The island of NEGROS, fourth largest in the country and home to 3.5 million people, lies at the heart of the Visayas, between Panay to the west and Cebu to the east. Shaped like a boot, it’s split diagonally into the northwestern province of Negros Occidental and the southeastern province of Negros Oriental. The demarcation came when early missionaries decided the thickly jungled central mountain range was too formidable to cross, and is still felt today with each side of the island speaking different languages – Cebuano to the east and Ilonggo to the west.

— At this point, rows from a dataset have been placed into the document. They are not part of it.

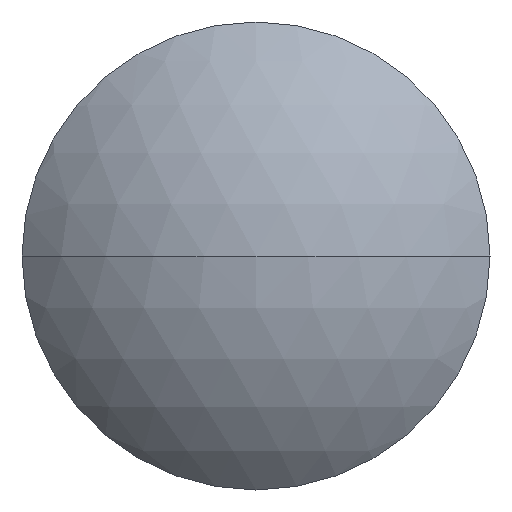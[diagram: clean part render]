
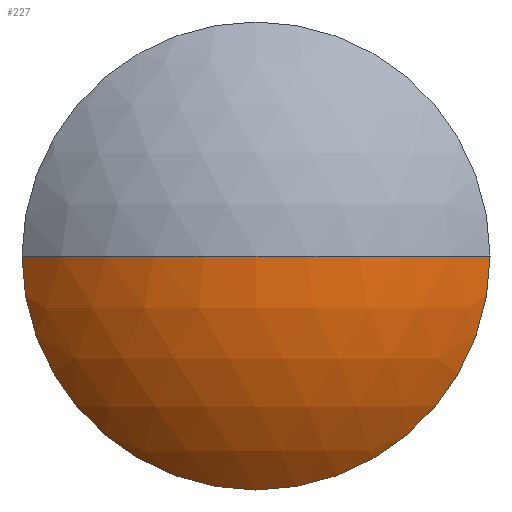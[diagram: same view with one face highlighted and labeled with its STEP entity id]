
A CAD part, left-side view. The second image highlights one B-rep face of the part: STEP entity #227.
In plain terms, the highlighted spherical face has radius 53.244 mm.
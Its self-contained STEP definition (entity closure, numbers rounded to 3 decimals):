
#2 = CARTESIAN_POINT ( 'NONE',  ( -3., -38.05, 0. ) ) ;
#3 = CIRCLE ( 'NONE', #76, 53.244 ) ;
#5 = DIRECTION ( 'NONE',  ( -1., 0., 0. ) ) ;
#13 = DIRECTION ( 'NONE',  ( 1., 0., 0. ) ) ;
#16 = ORIENTED_EDGE ( 'NONE', *, *, #139, .T. ) ;
#25 = CARTESIAN_POINT ( 'NONE',  ( -19., 0., 0. ) ) ;
#32 = CARTESIAN_POINT ( 'NONE',  ( -3., 0., 0. ) ) ;
#34 = CARTESIAN_POINT ( 'NONE',  ( 34.244, 0., 0. ) ) ;
#39 = FACE_OUTER_BOUND ( 'NONE', #203, .T. ) ;
#40 = DIRECTION ( 'NONE',  ( 0., 0., 1. ) ) ;
#41 = CARTESIAN_POINT ( 'NONE',  ( -3., 0., -38.05 ) ) ;
#64 = DIRECTION ( 'NONE',  ( 0., 1., 0. ) ) ;
#71 = ORIENTED_EDGE ( 'NONE', *, *, #108, .T. ) ;
#74 = DIRECTION ( 'NONE',  ( 0., 0., 1. ) ) ;
#76 = AXIS2_PLACEMENT_3D ( 'NONE', #197, #40, #13 ) ;
#79 = DIRECTION ( 'NONE',  ( 0., 1., 0. ) ) ;
#93 = VERTEX_POINT ( 'NONE', #25 ) ;
#96 = VERTEX_POINT ( 'NONE', #2 ) ;
#103 = CIRCLE ( 'NONE', #179, 38.05 ) ;
#107 = DIRECTION ( 'NONE',  ( 0., 0., 1. ) ) ;
#108 = EDGE_CURVE ( 'NONE', #297, #96, #205, .T. ) ;
#116 = EDGE_CURVE ( 'NONE', #96, #93, #239, .T. ) ;
#128 = DIRECTION ( 'NONE',  ( 0., 0., -1. ) ) ;
#139 = EDGE_CURVE ( 'NONE', #232, #297, #103, .T. ) ;
#141 = SPHERICAL_SURFACE ( 'NONE', #219, 53.244 ) ;
#168 = DIRECTION ( 'NONE',  ( 0., 0., -1. ) ) ;
#179 = AXIS2_PLACEMENT_3D ( 'NONE', #32, #5, #107 ) ;
#186 = AXIS2_PLACEMENT_3D ( 'NONE', #216, #279, #74 ) ;
#197 = CARTESIAN_POINT ( 'NONE',  ( 34.244, 0., 0. ) ) ;
#203 = EDGE_LOOP ( 'NONE', ( #16, #71, #295, #293 ) ) ;
#205 = CIRCLE ( 'NONE', #186, 38.05 ) ;
#208 = EDGE_CURVE ( 'NONE', #232, #93, #3, .T. ) ;
#216 = CARTESIAN_POINT ( 'NONE',  ( -3., 0., 0. ) ) ;
#219 = AXIS2_PLACEMENT_3D ( 'NONE', #34, #168, #64 ) ;
#227 = ADVANCED_FACE ( 'NONE', ( #39 ), #141, .T. ) ;
#232 = VERTEX_POINT ( 'NONE', #288 ) ;
#239 = CIRCLE ( 'NONE', #320, 53.244 ) ;
#279 = DIRECTION ( 'NONE',  ( -1., 0., 0. ) ) ;
#288 = CARTESIAN_POINT ( 'NONE',  ( -3., 38.05, 0. ) ) ;
#293 = ORIENTED_EDGE ( 'NONE', *, *, #208, .F. ) ;
#295 = ORIENTED_EDGE ( 'NONE', *, *, #116, .T. ) ;
#297 = VERTEX_POINT ( 'NONE', #41 ) ;
#320 = AXIS2_PLACEMENT_3D ( 'NONE', #327, #128, #79 ) ;
#327 = CARTESIAN_POINT ( 'NONE',  ( 34.244, 0., 0. ) ) ;

Today Negros is known as “Sugarlandia”, its rich lowlands growing two-thirds of the nation’s sugar cane and you’ll see evidence of this in the vast silver-green expanse of sugar-cane plantations stretching from the Gulf of Panay across gentle foothills and on to volcanic mountains of the interior. The mountains rise to a giddy 2465m at the peak of Mount Kanlaon, the highest mountain in the Visayas. For the intrepid this means there’s some extreme trekking and climbing on Negros, from Mount Kanlaon itself to Mount Silay in the north. From Bacolod, the capital of Negros Occidental, you can follow the coastal road clockwise to Silay, a beautifully preserved sugar town with grand antique homes and old sugar locomotives. Much of the north coast is given over to the port towns through which sugar is shipped to Manila, but at the southern end of the island around Dumaguete there are good beaches and scuba diving, with a range of excellent budget accommodation. The southwest coast – the heel of the boot – is home to the island’s best beaches, and remains charmingly rural and undeveloped, with carabao in the fields and chocolate-coloured roads winding lazily into the farming barrios of the foothills.

Brief history

Among Negros’s earliest inhabitants were dark-skinned natives belonging to the Negrito ethnic group – hence the name Negros, imposed by the Spanish when they set foot here in April 1565. After appointing bureaucrats to run the island, Miguel Lopez de Legazpi placed it under the jurisdiction of its first Spanish governor. Religious orders wasted no time in moving in to evangelize the natives, ripe for conversion to the true faith. The latter half of the eighteenth century was a period of rapid economic expansion for Negros, with its sugar industry flourishing and Visayan ports such as Cebu and Iloilo open for the first time to foreign ships. In the last century the rapacious growth of the sugar industry and its increasing politicization were to have disastrous consequences that are still being felt today.